A friend of mine bought a Den. victoriae-reginae last Spring. The plant had 2 pseudobulbs. 

Can anybody tell me if this plant a "true" deciduous species? Will it shedd all its leaves every winter?


----------



## Ditto (Jan 26, 2013)

No it will not 
and if well cultivated it will flower several times a year


----------



## Erythrone (Jan 26, 2013)

Any tips and tricks about growing this plant Ditto?


----------



## keithrs (Jan 26, 2013)

I grow my seedlings I-C temps, 70% shade, moist year round.


----------



## Erythrone (Jan 26, 2013)

Thanks keithrs. And what about relative humidity?


----------



## Cheyenne (Jan 26, 2013)

I grew them for a few years pretty well indoors. I noticed they did best in winter when the night temps were lower(cool). They tolerated the heat in the day but nit at night. After a few years they started to suffer because I could not keep night temps low enough. I gave those plants to a botanical garden with a cool house and they are now doing great and seem to always be in bloom.


----------



## Erythrone (Jan 27, 2013)

Thank you Cheyenne.
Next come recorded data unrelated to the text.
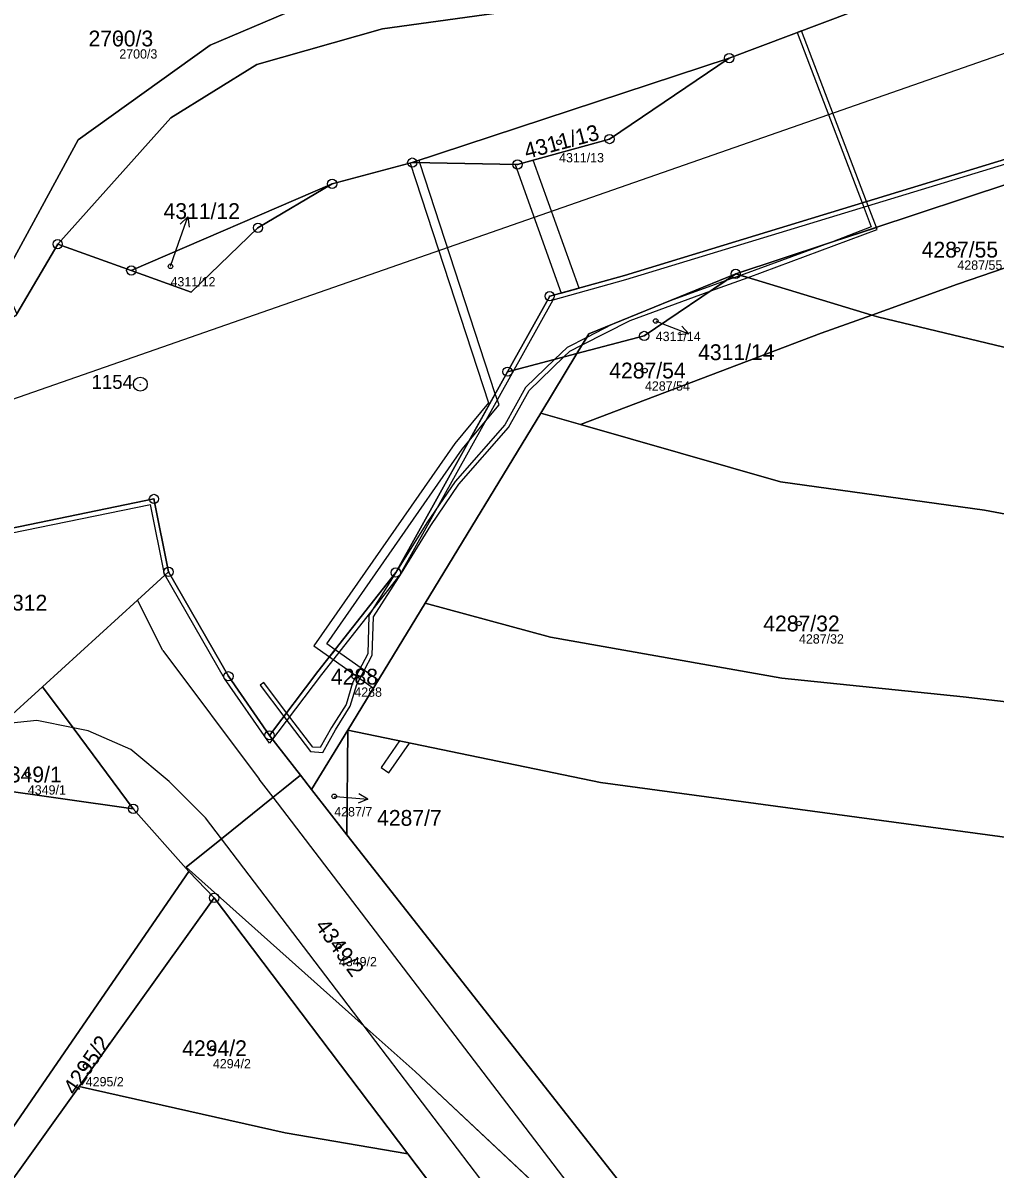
# Model space of a CAD drawing. Extents: x -739214 to -733252, y -1147612 to -1142842.
# Drawn here: x -737846.7 to -737742.2, y -1146463.6 to -1146340.4 of the extents above; entities that cross this region are included whole.
import ezdxf

# ---------------------------------------------------------------- set-up
doc = ezdxf.new("R2010")
doc.units = 0
for name, color, linetype in [('Definiční body', 7, 'Continuous'), ('Hranice parcel', 7, 'Continuous'), ('Parcelní čísla', 7, 'Continuous'), ('Polygon parcely', 7, 'Continuous'), ('Pop  PČ popisy', 7, 'Continuous'), ('Poz předměty', 7, 'Continuous'), ('Vnitřní kresba', 7, 'Continuous'), ('Věcná břemena k části', 7, 'Continuous'), ('Značky bodu BP', 7, 'Continuous')]:
    doc.layers.add(name, color=color, linetype=linetype)

msp = doc.modelspace()

# ---------------------------------------------------------------- linework, layer by layer
at = {"layer": 'Definiční body'}
for centre in [(-737836.38, -1146342.06), (-737789.07, -1146353.22), (-737746.22, -1146364.77), (-737830.87, -1146366.56), (-737778.67, -1146372.44), (-737779.83, -1146377.77), (-737763.26, -1146404.97), (-737811.1, -1146410.69), (-737846.22, -1146421.21), (-737813.26, -1146423.56), (-737812.76, -1146439.68), (-737826.31, -1146450.65), (-737839.99, -1146452.59)]:
    msp.add_circle(centre, 0.25, dxfattribs=at)
at = {"layer": 'Hranice parcel'}
for p, q in [((-737804.86, -1146355.41), (-737770.76, -1146344.17)), ((-737813.48, -1146357.69), (-737804.86, -1146355.41)), ((-737835.09, -1146367.01), (-737813.48, -1146357.69)), ((-737770.07, -1146367.38), (-737740.56, -1146357.63)), ((-737847.41, -1146371.67), (-737843.01, -1146364.17)), ((-737843.01, -1146364.17), (-737835.09, -1146367.01)), ((-737755.42, -1146371.8), (-737770.07, -1146367.38)), ((-737754.68, -1146372.02), (-737755.42, -1146371.8)), ((-737787.15, -1146375.94), (-737794.61, -1146377.89)), ((-737791.04, -1146382.34), (-737787.15, -1146375.94)), ((-737803.48, -1146402.77), (-737791.04, -1146382.34)), ((-737786.78, -1146383.56), (-737791.04, -1146382.34)), ((-737786.78, -1146383.56), (-737765.25, -1146389.72)), ((-737831.08, -1146399.42), (-737832.65, -1146391.58)), ((-737831.08, -1146399.42), (-737824.64, -1146410.65)), ((-737811.81, -1146416.45), (-737803.48, -1146402.77)), ((-737824.64, -1146410.65), (-737820.22, -1146417)), ((-737820.22, -1146417), (-737816.9, -1146421.29)), ((-737815.7, -1146422.84), (-737811.81, -1146416.45)), ((-737811.89, -1146427.69), (-737811.81, -1146416.45)), ((-737816.9, -1146421.29), (-737815.7, -1146422.84)), ((-737811.89, -1146427.69), (-737815.7, -1146422.84)), ((-737828.9, -1146431.66), (-737834.88, -1146424.9)), ((-737826.18, -1146434.48), (-737828.9, -1146431.66)), ((-737826.18, -1146434.48), (-737840.71, -1146454.78)), ((-737805.33, -1146462), (-737826.18, -1146434.48)), ((-737804.56, -1146453.15), (-737782.6, -1146473.73)), ((-737786.69, -1146486.61), (-737805.33, -1146462))]:
    msp.add_line(p, q, dxfattribs=at)
for points in [[(-737541.62, -1146282.04), (-737556.86, -1146290), (-737606.78, -1146309.22), (-737682.42, -1146335.31), (-737733.78, -1146352.83), (-737782.04, -1146367.55), (-737790.08, -1146369.77), (-737794.61, -1146377.89)], [(-737770.76, -1146344.17), (-737757.42, -1146339.15), (-737761.18, -1146335.83), (-737732.08, -1146310)], [(-737801.34, -1146332.03), (-737826.62, -1146342.79), (-737840.79, -1146352.96), (-737849.01, -1146368.07)], [(-737843.01, -1146364.17), (-737830.84, -1146350.59), (-737821.57, -1146344.85), (-737808.05, -1146341.01), (-737791.14, -1146338.69), (-737786.28, -1146336.05)], [(-737804.86, -1146355.41), (-737793.54, -1146355.61), (-737783.64, -1146352.87), (-737770.76, -1146344.17)], [(-737835.09, -1146367.01), (-737828.64, -1146369.33), (-737821.46, -1146362.41), (-737813.48, -1146357.69)], [(-737723.18, -1146360.59), (-737746.21, -1146368.48), (-737755.42, -1146371.8)], [(-737770.07, -1146367.38), (-737785.86, -1146373.83), (-737787.15, -1146375.94)], [(-737787.15, -1146375.94), (-737779.91, -1146374.05), (-737770.07, -1146367.38)], [(-737755.42, -1146371.8), (-737760.88, -1146373.76), (-737786.78, -1146383.56)], [(-737551.77, -1146412.44), (-737658.53, -1146391.6), (-737713.59, -1146381.89), (-737754.68, -1146372.02)], [(-737794.61, -1146377.89), (-737806.64, -1146399.5), (-737815.02, -1146410.14), (-737820.22, -1146417)], [(-737765.25, -1146389.72), (-737743.32, -1146392.8), (-737722.45, -1146396.68)], [(-737832.65, -1146391.58), (-737849.12, -1146394.96), (-737851.76, -1146395.5)], [(-737844.65, -1146411.77), (-737834.41, -1146402.45), (-737831.08, -1146399.42)], [(-737724.99, -1146415.27), (-737745.59, -1146412.86), (-737765.12, -1146410.86), (-737790, -1146406.44), (-737803.48, -1146402.77)], [(-737844.65, -1146411.77), (-737849.06, -1146415.79), (-737860.78, -1146426.46)], [(-737834.88, -1146424.9), (-737841.35, -1146416.2), (-737844.65, -1146411.77)], [(-737331.59, -1146506.62), (-737376.05, -1146494.4), (-737398.38, -1146490.12), (-737436.24, -1146484.9), (-737462.76, -1146481.83), (-737505.69, -1146475.14), (-737536.46, -1146468.45), (-737570.21, -1146459.63), (-737667.64, -1146439.85), (-737707.45, -1146432.51), (-737784.63, -1146422.07), (-737811.81, -1146416.45)], [(-737816.9, -1146421.29), (-737818.76, -1146422.79), (-737819.84, -1146423.66), (-737825.39, -1146428.13), (-737829.19, -1146431.19), (-737810.05, -1146448.26), (-737804.56, -1146453.15)], [(-737834.88, -1146424.9), (-737850.3, -1146422.72), (-737860.78, -1146426.46)], [(-737781.39, -1146466.64), (-737782.68, -1146464.89), (-737811.89, -1146427.69)], [(-737828.9, -1146431.66), (-737851.76, -1146464.79), (-737854.56, -1146467.91)], [(-737840.71, -1146454.78), (-737849.54, -1146467.11), (-737851.95, -1146469.79)], [(-737840.71, -1146454.78), (-737818.54, -1146459.73), (-737805.33, -1146462)]]:
    msp.add_lwpolyline(points, dxfattribs=at)
at = {"layer": 'Polygon parcely'}
for points in [[(-737851.76, -1146395.5), (-737849.12, -1146394.96), (-737832.65, -1146391.58), (-737831.08, -1146399.42), (-737824.64, -1146410.65), (-737820.22, -1146417), (-737815.02, -1146410.14), (-737806.64, -1146399.5), (-737794.61, -1146377.89), (-737790.08, -1146369.77), (-737782.04, -1146367.55), (-737733.78, -1146352.83), (-737682.42, -1146335.31), (-737606.78, -1146309.22), (-737556.86, -1146290), (-737541.62, -1146282.04), (-737519.96, -1146274.64), (-737515.86, -1146273.22), (-737508.96, -1146270.82), (-737487.35, -1146263.31), (-737469.84, -1146257.23), (-737448.4, -1146249.68), (-737443.72, -1146247.99)], [(-737733.73, -1146289.74), (-737746.11, -1146300.83), (-737747.42, -1146302), (-737757.62, -1146311.04), (-737758.73, -1146312.07), (-737772.14, -1146324.45), (-737773.11, -1146325.27), (-737785.1, -1146335.41), (-737786.28, -1146336.05), (-737791.14, -1146338.69), (-737808.05, -1146341.01), (-737821.57, -1146344.85), (-737830.84, -1146350.59), (-737843.01, -1146364.17), (-737835.09, -1146367.01), (-737813.48, -1146357.69), (-737804.86, -1146355.41), (-737770.76, -1146344.17), (-737757.42, -1146339.15), (-737761.18, -1146335.83), (-737732.08, -1146310)], [(-737732.08, -1146310), (-737761.18, -1146335.83), (-737757.42, -1146339.15), (-737770.76, -1146344.17), (-737783.64, -1146352.87), (-737793.54, -1146355.61), (-737804.86, -1146355.41), (-737813.48, -1146357.69), (-737821.46, -1146362.41), (-737828.64, -1146369.33), (-737835.09, -1146367.01), (-737843.01, -1146364.17), (-737847.41, -1146371.67), (-737847.53, -1146371.89), (-737858.37, -1146378.37), (-737869.23, -1146382.14), (-737887.99, -1146388.67), (-737903.08, -1146393.94), (-737917.17, -1146398.85), (-737950.33, -1146410.42), (-738012.69, -1146432)], [(-737782.6, -1146473.73), (-737804.56, -1146453.15), (-737810.05, -1146448.26), (-737829.19, -1146431.19), (-737825.39, -1146428.13), (-737819.84, -1146423.66), (-737818.76, -1146422.79), (-737816.9, -1146421.29), (-737820.22, -1146417), (-737824.64, -1146410.65), (-737831.08, -1146399.42), (-737834.41, -1146402.45), (-737844.65, -1146411.77), (-737841.35, -1146416.2), (-737834.88, -1146424.9), (-737828.9, -1146431.66), (-737826.18, -1146434.48), (-737805.33, -1146462), (-737786.69, -1146486.61)], [(-737601.76, -1146439.15), (-737682.84, -1146423.31), (-737724.99, -1146415.27), (-737745.59, -1146412.86), (-737765.12, -1146410.86), (-737790, -1146406.44), (-737803.48, -1146402.77), (-737811.81, -1146416.45), (-737784.63, -1146422.07), (-737707.45, -1146432.51), (-737667.64, -1146439.85), (-737570.21, -1146459.63)], [(-737570.21, -1146459.63), (-737667.64, -1146439.85), (-737707.45, -1146432.51), (-737784.63, -1146422.07), (-737811.81, -1146416.45), (-737811.89, -1146427.69), (-737782.68, -1146464.89), (-737781.39, -1146466.64), (-737745.1, -1146471.04), (-737711.25, -1146476.55), (-737674.41, -1146483.99), (-737637.16, -1146490.47), (-737547.67, -1146510.69)]]:
    msp.add_lwpolyline(points, dxfattribs=at)
for points in [[(-737684.38, -1146338.1), (-737655.7, -1146328.44), (-737626.81, -1146318.35), (-737600.2, -1146309.78), (-737577.46, -1146301.76), (-737556.74, -1146294.43), (-737552.17, -1146291.76), (-737537.24, -1146283.04), (-737541.62, -1146282.04), (-737556.86, -1146290), (-737606.78, -1146309.22), (-737682.42, -1146335.31), (-737733.78, -1146352.83), (-737782.04, -1146367.55), (-737790.08, -1146369.77), (-737794.61, -1146377.89), (-737787.15, -1146375.94), (-737785.86, -1146373.83), (-737770.07, -1146367.38), (-737740.56, -1146357.63)], [(-737827.22, -1146320.63), (-737843.12, -1146332.14), (-737851.48, -1146338.64), (-737854.77, -1146343.66), (-737852.92, -1146359.23), (-737849.01, -1146368.07), (-737840.79, -1146352.96), (-737826.62, -1146342.79), (-737801.34, -1146332.03), (-737824.03, -1146321.62)], [(-737808.05, -1146341.01), (-737791.14, -1146338.69), (-737786.28, -1146336.05), (-737801.34, -1146332.03), (-737826.62, -1146342.79), (-737840.79, -1146352.96), (-737849.01, -1146368.07), (-737847.41, -1146371.67), (-737843.01, -1146364.17), (-737830.84, -1146350.59), (-737821.57, -1146344.85)], [(-737793.54, -1146355.61), (-737783.64, -1146352.87), (-737770.76, -1146344.17), (-737804.86, -1146355.41)], [(-737821.46, -1146362.41), (-737813.48, -1146357.69), (-737835.09, -1146367.01), (-737828.64, -1146369.33)], [(-737723.18, -1146360.59), (-737740.56, -1146357.63), (-737770.07, -1146367.38), (-737755.42, -1146371.8), (-737746.21, -1146368.48)], [(-737396.69, -1146421.03), (-737448.36, -1146412.93), (-737497.86, -1146404.53), (-737562.89, -1146391.43), (-737675.19, -1146368.77), (-737723.18, -1146360.59), (-737746.21, -1146368.48), (-737755.42, -1146371.8), (-737754.68, -1146372.02), (-737713.59, -1146381.89), (-737658.53, -1146391.6), (-737551.77, -1146412.44), (-737511.77, -1146420.7), (-737456.17, -1146431.21), (-737379.73, -1146442.87), (-737361.98, -1146446.1), (-737309.41, -1146460.82), (-737300.2, -1146442.05), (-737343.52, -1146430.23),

Your comments confirm to me what I thought.

Although some growers sell this plant as an intermediate, it is best grown in a cool place.


----------



## keithrs (Jan 27, 2013)

Erythrone said:


> Thanks keithrs. And what about relative humidity?



Right now I have 40-60% RH in the day.... I wouldn't go lower than that for any length of time.


----------